Struct algorithms_edu::algo::graph::WeightedAdjacencyList

pub struct WeightedAdjacencyList { /* fields omitted */ }

A graph represented by a weighted adjacency list. Under the hood, a weighted adjacency list is a Vec of Vec of Edges. For an adjacency list g, g[i] is a Vec of edges pointing from i to other nodes (vertices). Thus, the number of nodes is implied by the len of the (outer) Vec. For each node i that do not have outgoing edges, g[i] is an empty vector.

Implementations

impl WeightedAdjacencyList

pub fn two_color(&self) -> Result<Vec<i8>, BipartiteCheckError>

impl WeightedAdjacencyList

pub fn dfs(&self, start: usize) -> usize

Perform a depth first search on a graph with n nodes from a starting point to count the number of nodes in a given component.

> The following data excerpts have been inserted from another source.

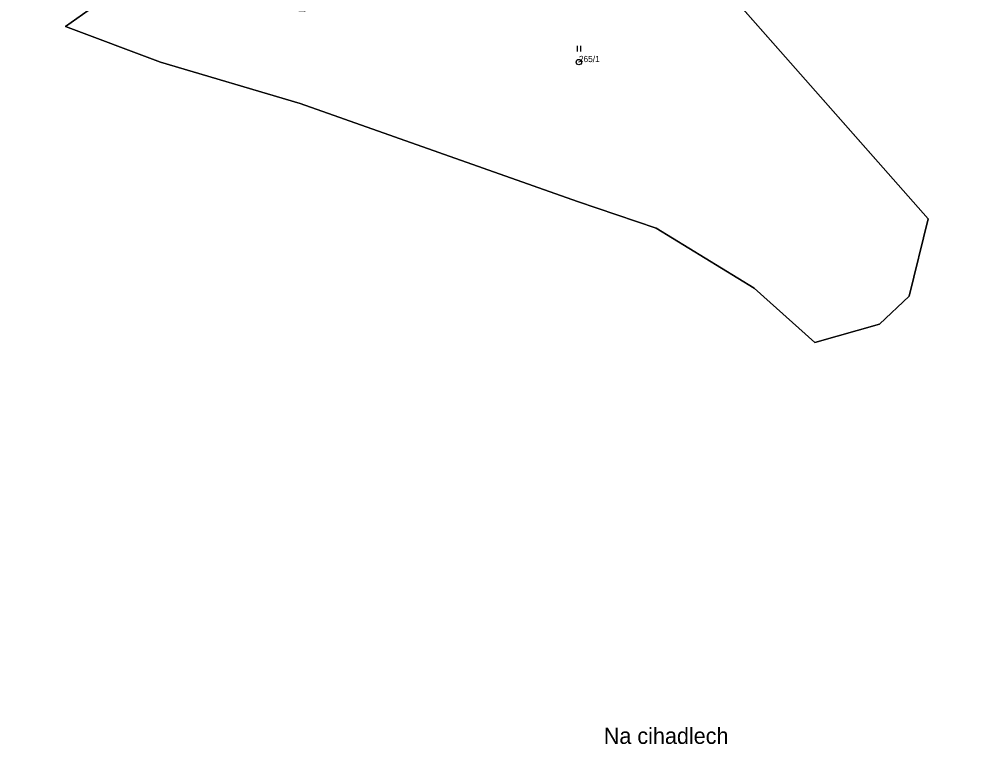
# Model space of a CAD drawing. Extents: x -652854 to -650068, y -1097661 to -1095417.
# Drawn here: x -651554.5 to -651296.9, y -1096297.9 to -1096100 of the extents above; entities that cross this region are included whole.
import ezdxf

# ---------------------------------------------------------------- set-up
doc = ezdxf.new("R2010")
doc.units = 0
for name, color, linetype in [('Definiční body parcel', 7, 'Continuous'), ('Hranice parcel', 7, 'Continuous'), ('Názvy', 7, 'Continuous'), ('Obvody jako plochy', 7, 'Continuous'), ('Parcelní čísla', 7, 'Continuous'), ('Značky kultur', 7, 'Continuous')]:
    doc.layers.add(name, color=color, linetype=linetype)

msp = doc.modelspace()

# ---------------------------------------------------------------- linework, layer by layer
at = {"layer": 'Definiční body parcel'}
for radius in [0.75, 0.0327]:
    msp.add_circle((-651401.71, -1096111.78), radius, dxfattribs=at)
at = {"layer": 'Hranice parcel'}
for p, q in [((-651306.45, -1096154.54), (-651364.46, -1096088.73)), ((-651530.98, -1096094.3), (-651541.77, -1096102.05)), ((-651541.77, -1096102.05), (-651515.89, -1096111.76)), ((-651515.89, -1096111.76), (-651477.76, -1096123.05)), ((-651477.76, -1096123.05), (-651402.13, -1096149.83)), ((-651402.13, -1096149.83), (-651380.6, -1096157.11)), ((-651311.55, -1096175.64), (-651306.45, -1096154.54)), ((-651380.6, -1096157.11), (-651353.91, -1096173.45)), ((-651353.91, -1096173.45), (-651337.3, -1096188.34)), ((-651319.7, -1096183.32), (-651311.55, -1096175.64)), ((-651337.3, -1096188.34), (-651319.7, -1096183.32))]:
    msp.add_line(p, q, dxfattribs=at)
at = {"layer": 'Obvody jako plochy'}
msp.add_lwpolyline([(-651256.73, -1095919.7), (-651301.18, -1095941.4), (-651318.03, -1095957.19), (-651350.52, -1095978.76), (-651310.69, -1096016.4), (-651363.92, -1096075.6), (-651412.03, -1096025.02), (-651416.03, -1096029.53), (-651364.46, -1096088.73), (-651306.45, -1096154.54), (-651311.55, -1096175.64), (-651319.7, -1096183.32), (-651337.3, -1096188.34), (-651353.91, -1096173.45), (-651380.6, -1096157.11), (-651402.13, -1096149.83), (-651477.76, -1096123.05), (-651515.89, -1096111.76), (-651541.77, -1096102.05), (-651530.98, -1096094.3), (-651553.76, -1096093.05), (-651577.07, -1096086.78)], dxfattribs=at)
msp.add_lwpolyline([(-651530.98, -1096094.3), (-651541.77, -1096102.05), (-651515.89, -1096111.76), (-651477.76, -1096123.05), (-651402.13, -1096149.83), (-651380.6, -1096157.11), (-651353.91, -1096173.45), (-651337.3, -1096188.34), (-651319.7, -1096183.32), (-651311.55, -1096175.64), (-651306.45, -1096154.54), (-651364.46, -1096088.73), (-651416.03, -1096029.53), (-651457.12, -1096091.57), (-651476.63, -1096097.91)], close=True, dxfattribs=at)
at = {"layer": 'Značky kultur'}
for p, q in [((-651402.167, -1096107.345), (-651402.167, -1096108.845)), ((-651401.145, -1096108.845), (-651401.145, -1096107.345))]:
    msp.add_line(p, q, dxfattribs=at)

# ---------------------------------------------------------------- texts
at = {"layer": 'Názvy'}
msp.add_text('Na cihadlech', height=4.4, dxfattribs=at).set_placement((-651394.91, -1096297.87))
at = {"layer": 'Parcelní čísla'}
msp.add_text('265/1', height=1.7, dxfattribs=at).set_placement((-651401.71, -1096111.78))

doc.saveas('drawing.dxf')

In this particular implementation we just increment a counter each time we visit a new node. This, by itself, is not of much use, but you'll soon see that many other advanced algorithms are based on this DFS prototype.

impl WeightedAdjacencyList

pub fn kruskal(&self) -> Option<(f64, WeightedAdjacencyList)>

impl WeightedAdjacencyList

pub fn prim(&self) -> Option<(f64, WeightedAdjacencyList)>

impl WeightedAdjacencyList

pub fn bellman_ford(&self, start: usize) -> Vec<f64>

impl WeightedAdjacencyList

pub fn dijkstra(&self, start: usize, end: usize) -> Option<(f64, Vec<usize>)>

impl WeightedAdjacencyList

pub fn toposort(&self) -> Vec<usize>

pub fn toposort_khan(&self) -> Vec<usize>

Imagine building a program with dependencies

pub fn dag_shortest_path(&self, start: usize) -> Vec<f64>

impl WeightedAdjacencyList

pub fn with_size(n: usize) -> Self

Initialize an empty adjacency list that can hold up to n nodes.

pub fn is_empty(&self) -> bool

Is the graph devoid of vertices?

pub fn add_directed_edge(&mut self, u: usize, v: usize, weight: f64)

Add a directed edge from node u to node v with weight weight.

pub fn add_undirected_edge(&mut self, u: usize, v: usize, weight: f64)

Add an undirected edge between nodes u and v.

pub fn new_directed(size: usize, edges: &[(usize, usize, f64)]) -> Self

pub fn new_undirected(size: usize, edges: &[(usize, usize, f64)]) -> Self

pub fn new_directed_unweighted(size: usize, edges: &[[usize; 2]]) -> Self

pub fn new_undirected_unweighted(size: usize, edges: &[[usize; 2]]) -> Self

pub fn edges(&self) -> impl Iterator<Item = (usize, usize, f64)> + '_

Iterates over all edges in the gragh. Each item is a tuples of 3: (from, to, weight)

pub fn edge_count(&self) -> usize

Number of edges in the graph

pub fn nodes(&self) -> impl Iterator<Item = (usize, &Vec<Edge>)>

Iterates over all nodes in the graph. Each item is a tuple of the node id and a Vec of all its outgoing edges

pub fn node_count(&self) -> usize

Number of nodes (vertices) in the graph

Trait Implementations

impl Debug for WeightedAdjacencyList

pub fn fmt(&self, f: &mut Formatter<'_>) -> Result

Formats the value using the given formatter.

impl Display for WeightedAdjacencyList

Pretty-prints a small graph represented by a weighted adjacency list The graph is first converted to a WeightedAdjacencyMatrix before being printed

pub fn fmt(&self, f: &mut Formatter<'_>) -> Result

Formats the value using the given formatter.

impl From<WeightedAdjacencyList> for WeightedAdjacencyMatrix

For convinience

pub fn from(inp: WeightedAdjacencyList) -> Self

Performs the conversion.

impl From<WeightedAdjacencyList> for WeightedUndirectedAdjacencyMatrixCondensed

pub fn from(inp: WeightedAdjacencyList) -> Self

Performs the conversion.

impl Index<usize> for WeightedAdjacencyList

Allows the outgoing edges of a node to be accessed easily.

type Output = Vec<Edge>

The returned type after indexing.

pub fn index(&self, index: usize) -> &Self::Output

Performs the indexing (container[index]) operation.